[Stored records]
+ + + + + + +

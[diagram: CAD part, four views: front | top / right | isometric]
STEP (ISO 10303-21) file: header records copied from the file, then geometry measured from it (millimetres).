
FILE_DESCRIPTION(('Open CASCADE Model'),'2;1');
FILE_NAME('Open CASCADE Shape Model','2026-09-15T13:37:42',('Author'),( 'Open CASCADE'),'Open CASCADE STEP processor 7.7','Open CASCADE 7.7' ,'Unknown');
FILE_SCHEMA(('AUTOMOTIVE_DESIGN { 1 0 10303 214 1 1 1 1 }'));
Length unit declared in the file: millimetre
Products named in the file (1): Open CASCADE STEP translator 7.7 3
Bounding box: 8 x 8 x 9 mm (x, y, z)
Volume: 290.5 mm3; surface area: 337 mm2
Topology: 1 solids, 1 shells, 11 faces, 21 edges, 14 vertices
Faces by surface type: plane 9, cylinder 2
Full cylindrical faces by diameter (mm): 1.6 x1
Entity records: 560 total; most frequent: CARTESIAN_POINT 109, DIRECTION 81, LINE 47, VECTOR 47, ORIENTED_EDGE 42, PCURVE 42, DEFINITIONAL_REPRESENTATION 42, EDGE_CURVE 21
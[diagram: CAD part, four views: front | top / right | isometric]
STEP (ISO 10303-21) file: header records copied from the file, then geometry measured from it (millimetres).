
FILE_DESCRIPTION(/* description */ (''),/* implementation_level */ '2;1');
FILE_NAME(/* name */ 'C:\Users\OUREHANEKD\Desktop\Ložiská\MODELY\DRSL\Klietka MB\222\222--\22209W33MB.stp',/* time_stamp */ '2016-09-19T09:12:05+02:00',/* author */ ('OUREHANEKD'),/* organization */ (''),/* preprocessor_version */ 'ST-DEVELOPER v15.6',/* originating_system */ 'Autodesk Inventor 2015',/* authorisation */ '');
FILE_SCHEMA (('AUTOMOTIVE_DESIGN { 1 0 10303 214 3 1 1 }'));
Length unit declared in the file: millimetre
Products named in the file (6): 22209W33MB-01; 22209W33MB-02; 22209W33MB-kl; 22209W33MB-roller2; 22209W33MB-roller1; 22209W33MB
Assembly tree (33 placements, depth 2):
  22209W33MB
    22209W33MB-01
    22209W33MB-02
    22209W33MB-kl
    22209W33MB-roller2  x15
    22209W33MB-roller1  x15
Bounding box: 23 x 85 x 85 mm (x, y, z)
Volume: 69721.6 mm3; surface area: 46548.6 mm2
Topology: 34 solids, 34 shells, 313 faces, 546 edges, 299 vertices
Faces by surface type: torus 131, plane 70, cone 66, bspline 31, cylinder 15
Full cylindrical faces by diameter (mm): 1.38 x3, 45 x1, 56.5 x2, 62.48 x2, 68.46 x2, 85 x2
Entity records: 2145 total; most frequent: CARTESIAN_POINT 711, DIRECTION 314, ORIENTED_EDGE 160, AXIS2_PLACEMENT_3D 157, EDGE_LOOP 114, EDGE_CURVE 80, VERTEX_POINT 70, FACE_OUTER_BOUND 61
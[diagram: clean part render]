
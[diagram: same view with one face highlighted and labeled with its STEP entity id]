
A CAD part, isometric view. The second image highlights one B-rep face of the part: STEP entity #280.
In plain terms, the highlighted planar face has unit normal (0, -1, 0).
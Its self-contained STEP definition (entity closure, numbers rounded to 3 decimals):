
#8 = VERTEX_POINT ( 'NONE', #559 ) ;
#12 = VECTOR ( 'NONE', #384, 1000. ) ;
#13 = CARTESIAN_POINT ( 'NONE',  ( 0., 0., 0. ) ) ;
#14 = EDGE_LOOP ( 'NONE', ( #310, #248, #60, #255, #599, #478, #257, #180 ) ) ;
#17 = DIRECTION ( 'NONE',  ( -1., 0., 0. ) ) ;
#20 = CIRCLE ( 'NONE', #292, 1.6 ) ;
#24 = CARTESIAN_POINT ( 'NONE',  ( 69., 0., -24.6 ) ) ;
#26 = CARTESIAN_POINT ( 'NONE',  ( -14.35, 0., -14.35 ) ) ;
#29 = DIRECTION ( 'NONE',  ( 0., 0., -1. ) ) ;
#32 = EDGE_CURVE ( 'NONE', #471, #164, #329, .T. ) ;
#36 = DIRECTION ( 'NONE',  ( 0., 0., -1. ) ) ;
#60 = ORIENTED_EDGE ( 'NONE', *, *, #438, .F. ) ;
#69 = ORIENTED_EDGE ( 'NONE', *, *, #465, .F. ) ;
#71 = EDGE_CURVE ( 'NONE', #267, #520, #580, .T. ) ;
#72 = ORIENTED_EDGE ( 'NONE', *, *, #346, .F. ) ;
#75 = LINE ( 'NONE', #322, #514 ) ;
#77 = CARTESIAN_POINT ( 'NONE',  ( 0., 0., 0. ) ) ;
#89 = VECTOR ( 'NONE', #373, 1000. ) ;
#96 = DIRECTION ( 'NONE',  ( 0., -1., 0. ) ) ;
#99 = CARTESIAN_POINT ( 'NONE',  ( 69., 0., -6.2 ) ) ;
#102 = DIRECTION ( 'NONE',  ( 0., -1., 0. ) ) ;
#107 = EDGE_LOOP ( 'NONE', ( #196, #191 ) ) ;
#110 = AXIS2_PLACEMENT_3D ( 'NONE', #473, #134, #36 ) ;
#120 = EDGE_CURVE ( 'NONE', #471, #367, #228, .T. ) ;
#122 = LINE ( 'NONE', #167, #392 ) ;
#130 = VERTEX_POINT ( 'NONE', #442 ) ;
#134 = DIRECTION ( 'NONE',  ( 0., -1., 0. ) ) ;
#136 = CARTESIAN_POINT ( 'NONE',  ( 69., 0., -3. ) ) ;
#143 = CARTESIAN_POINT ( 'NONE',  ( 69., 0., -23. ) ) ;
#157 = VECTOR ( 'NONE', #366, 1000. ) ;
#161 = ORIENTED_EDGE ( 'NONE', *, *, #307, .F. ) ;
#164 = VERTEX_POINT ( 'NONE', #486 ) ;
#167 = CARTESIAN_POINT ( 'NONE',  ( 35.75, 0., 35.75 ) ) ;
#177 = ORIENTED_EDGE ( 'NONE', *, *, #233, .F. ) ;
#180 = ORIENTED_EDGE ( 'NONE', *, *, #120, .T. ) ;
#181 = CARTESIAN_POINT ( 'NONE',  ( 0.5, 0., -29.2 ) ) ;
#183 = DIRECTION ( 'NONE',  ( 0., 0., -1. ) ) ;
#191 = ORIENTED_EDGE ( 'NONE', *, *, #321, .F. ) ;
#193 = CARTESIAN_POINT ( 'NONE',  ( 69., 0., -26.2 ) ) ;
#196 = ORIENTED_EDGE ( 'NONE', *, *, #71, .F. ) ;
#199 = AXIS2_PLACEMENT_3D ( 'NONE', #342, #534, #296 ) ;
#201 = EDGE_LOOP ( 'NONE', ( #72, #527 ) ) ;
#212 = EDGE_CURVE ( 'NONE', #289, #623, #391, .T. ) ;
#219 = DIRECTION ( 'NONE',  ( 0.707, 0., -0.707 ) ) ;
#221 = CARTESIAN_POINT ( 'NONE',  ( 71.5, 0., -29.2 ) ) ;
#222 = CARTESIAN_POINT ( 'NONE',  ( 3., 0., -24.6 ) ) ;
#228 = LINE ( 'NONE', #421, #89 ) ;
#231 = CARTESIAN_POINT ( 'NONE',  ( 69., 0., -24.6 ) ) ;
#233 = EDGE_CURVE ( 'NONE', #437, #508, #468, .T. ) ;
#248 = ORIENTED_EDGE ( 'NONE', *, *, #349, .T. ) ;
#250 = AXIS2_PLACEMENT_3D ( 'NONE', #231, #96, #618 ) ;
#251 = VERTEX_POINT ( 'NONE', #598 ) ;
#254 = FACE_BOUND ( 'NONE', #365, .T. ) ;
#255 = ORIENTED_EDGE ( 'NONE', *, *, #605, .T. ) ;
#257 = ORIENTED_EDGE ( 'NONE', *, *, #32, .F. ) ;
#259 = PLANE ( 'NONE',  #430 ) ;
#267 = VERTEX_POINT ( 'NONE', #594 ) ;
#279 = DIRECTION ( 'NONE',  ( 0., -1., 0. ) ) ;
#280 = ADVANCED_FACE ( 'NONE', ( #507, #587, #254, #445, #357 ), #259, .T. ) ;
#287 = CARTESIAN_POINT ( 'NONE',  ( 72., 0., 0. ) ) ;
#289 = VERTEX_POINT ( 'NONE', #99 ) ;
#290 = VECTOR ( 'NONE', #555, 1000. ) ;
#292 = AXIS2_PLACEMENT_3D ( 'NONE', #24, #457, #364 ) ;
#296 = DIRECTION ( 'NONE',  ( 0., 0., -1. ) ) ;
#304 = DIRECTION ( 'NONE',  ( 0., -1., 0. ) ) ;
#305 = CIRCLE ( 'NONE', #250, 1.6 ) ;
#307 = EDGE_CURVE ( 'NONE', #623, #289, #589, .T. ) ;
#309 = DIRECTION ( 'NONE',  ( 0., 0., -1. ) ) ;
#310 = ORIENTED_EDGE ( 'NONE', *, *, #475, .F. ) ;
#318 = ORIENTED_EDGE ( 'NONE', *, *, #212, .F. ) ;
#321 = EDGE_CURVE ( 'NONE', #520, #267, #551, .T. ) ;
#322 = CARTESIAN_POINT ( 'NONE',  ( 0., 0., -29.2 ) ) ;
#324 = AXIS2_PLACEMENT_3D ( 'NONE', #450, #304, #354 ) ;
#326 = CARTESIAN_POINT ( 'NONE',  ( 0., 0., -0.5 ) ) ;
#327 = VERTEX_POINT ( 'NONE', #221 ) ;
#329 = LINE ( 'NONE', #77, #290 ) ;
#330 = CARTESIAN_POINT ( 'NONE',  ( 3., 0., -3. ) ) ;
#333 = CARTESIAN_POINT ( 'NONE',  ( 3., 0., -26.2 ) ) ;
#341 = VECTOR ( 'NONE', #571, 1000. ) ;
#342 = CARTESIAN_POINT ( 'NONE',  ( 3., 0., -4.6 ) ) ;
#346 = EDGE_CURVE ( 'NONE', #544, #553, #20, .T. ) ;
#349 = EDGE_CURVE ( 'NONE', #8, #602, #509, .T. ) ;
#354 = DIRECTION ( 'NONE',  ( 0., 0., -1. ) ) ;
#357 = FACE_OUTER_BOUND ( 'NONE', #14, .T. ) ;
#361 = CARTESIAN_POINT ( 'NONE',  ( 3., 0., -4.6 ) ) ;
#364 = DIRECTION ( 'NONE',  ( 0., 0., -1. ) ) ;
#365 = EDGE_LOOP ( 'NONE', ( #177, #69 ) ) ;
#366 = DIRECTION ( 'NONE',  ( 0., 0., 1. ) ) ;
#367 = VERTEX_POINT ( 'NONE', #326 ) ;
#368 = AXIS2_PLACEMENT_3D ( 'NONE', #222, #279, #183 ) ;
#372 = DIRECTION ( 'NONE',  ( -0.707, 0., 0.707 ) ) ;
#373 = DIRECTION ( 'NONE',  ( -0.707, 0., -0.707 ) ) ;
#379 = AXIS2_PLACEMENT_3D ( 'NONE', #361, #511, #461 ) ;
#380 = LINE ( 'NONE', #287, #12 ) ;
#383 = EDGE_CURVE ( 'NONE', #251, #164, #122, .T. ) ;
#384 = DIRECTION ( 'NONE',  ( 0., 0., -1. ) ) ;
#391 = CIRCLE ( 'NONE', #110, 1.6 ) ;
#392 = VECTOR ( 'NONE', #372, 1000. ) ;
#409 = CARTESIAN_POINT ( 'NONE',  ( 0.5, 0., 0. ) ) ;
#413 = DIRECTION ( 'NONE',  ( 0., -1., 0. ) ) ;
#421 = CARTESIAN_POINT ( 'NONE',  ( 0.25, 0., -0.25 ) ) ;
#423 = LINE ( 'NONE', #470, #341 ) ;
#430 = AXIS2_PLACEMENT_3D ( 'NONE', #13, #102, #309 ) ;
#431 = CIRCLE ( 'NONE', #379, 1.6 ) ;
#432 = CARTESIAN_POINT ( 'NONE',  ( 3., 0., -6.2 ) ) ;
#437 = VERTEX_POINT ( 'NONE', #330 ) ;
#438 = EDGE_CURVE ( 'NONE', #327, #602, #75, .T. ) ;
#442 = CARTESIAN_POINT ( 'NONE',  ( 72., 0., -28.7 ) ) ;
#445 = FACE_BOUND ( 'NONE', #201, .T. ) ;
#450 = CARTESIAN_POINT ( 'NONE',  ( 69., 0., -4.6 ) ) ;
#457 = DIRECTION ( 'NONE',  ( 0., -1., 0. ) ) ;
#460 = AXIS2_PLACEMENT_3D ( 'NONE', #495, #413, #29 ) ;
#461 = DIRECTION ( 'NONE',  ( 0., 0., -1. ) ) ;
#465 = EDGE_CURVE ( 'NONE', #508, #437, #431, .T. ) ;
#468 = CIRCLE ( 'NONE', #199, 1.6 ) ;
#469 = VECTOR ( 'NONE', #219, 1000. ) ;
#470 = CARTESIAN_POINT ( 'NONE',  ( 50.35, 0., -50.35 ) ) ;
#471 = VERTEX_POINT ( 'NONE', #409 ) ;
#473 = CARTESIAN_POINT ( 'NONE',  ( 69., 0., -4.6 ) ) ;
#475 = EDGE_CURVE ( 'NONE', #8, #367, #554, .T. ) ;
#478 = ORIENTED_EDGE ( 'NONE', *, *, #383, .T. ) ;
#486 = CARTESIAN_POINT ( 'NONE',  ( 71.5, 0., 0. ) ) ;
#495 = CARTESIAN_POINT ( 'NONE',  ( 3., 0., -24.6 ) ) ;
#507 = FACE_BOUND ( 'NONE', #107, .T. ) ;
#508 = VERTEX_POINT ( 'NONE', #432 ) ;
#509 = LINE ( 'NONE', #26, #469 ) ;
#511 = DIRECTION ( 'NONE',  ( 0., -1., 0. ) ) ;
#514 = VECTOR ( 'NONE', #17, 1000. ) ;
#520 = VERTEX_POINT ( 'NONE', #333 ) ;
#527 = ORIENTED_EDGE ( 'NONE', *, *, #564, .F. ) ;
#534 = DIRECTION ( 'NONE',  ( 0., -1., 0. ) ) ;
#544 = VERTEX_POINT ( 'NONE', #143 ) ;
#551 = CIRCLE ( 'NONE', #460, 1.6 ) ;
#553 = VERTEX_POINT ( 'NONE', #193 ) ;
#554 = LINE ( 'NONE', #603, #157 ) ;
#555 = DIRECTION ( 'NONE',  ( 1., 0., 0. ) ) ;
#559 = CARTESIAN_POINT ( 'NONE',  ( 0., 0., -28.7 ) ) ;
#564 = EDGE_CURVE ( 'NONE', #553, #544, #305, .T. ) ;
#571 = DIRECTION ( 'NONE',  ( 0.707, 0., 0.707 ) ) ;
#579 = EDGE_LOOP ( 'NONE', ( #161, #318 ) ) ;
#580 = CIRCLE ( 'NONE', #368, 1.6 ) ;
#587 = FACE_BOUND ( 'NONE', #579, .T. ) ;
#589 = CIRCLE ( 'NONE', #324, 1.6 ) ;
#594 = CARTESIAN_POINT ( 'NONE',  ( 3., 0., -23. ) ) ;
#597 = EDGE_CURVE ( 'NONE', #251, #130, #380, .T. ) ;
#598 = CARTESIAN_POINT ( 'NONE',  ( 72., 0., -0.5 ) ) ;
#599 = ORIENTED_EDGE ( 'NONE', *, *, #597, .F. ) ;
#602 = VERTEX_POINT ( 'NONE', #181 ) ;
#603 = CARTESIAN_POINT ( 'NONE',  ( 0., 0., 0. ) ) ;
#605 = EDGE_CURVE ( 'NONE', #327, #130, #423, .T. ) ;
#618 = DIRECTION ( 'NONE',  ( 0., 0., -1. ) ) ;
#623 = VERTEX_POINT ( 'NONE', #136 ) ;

+ + + + + + +

PROBLEM TO WORK ON |
Copy the lines of the data above exactly as written, beginning with the line containing "#511 = DIRECTION" and ending with the line containing "#602 = VERTEX_POINT ( 'NONE', #181 ) ;", and leave out all other lines.

TASK ANSWER |
#511 = DIRECTION ( 'NONE',  ( 0., -1., 0. ) ) ;
#514 = VECTOR ( 'NONE', #17, 1000. ) ;
#520 = VERTEX_POINT ( 'NONE', #333 ) ;
#527 = ORIENTED_EDGE ( 'NONE', *, *, #564, .F. ) ;
#534 = DIRECTION ( 'NONE',  ( 0., -1., 0. ) ) ;
#544 = VERTEX_POINT ( 'NONE', #143 ) ;
#551 = CIRCLE ( 'NONE', #460, 1.6 ) ;
#553 = VERTEX_POINT ( 'NONE', #193 ) ;
#554 = LINE ( 'NONE', #603, #157 ) ;
#555 = DIRECTION ( 'NONE',  ( 1., 0., 0. ) ) ;
#559 = CARTESIAN_POINT ( 'NONE',  ( 0., 0., -28.7 ) ) ;
#564 = EDGE_CURVE ( 'NONE', #553, #544, #305, .T. ) ;
#571 = DIRECTION ( 'NONE',  ( 0.707, 0., 0.707 ) ) ;
#579 = EDGE_LOOP ( 'NONE', ( #161, #318 ) ) ;
#580 = CIRCLE ( 'NONE', #368, 1.6 ) ;
#587 = FACE_BOUND ( 'NONE', #579, .T. ) ;
#589 = CIRCLE ( 'NONE', #324, 1.6 ) ;
#594 = CARTESIAN_POINT ( 'NONE',  ( 3., 0., -23. ) ) ;
#597 = EDGE_CURVE ( 'NONE', #251, #130, #380, .T. ) ;
#598 = CARTESIAN_POINT ( 'NONE',  ( 72., 0., -0.5 ) ) ;
#599 = ORIENTED_EDGE ( 'NONE', *, *, #597, .F. ) ;
#602 = VERTEX_POINT ( 'NONE', #181 ) ;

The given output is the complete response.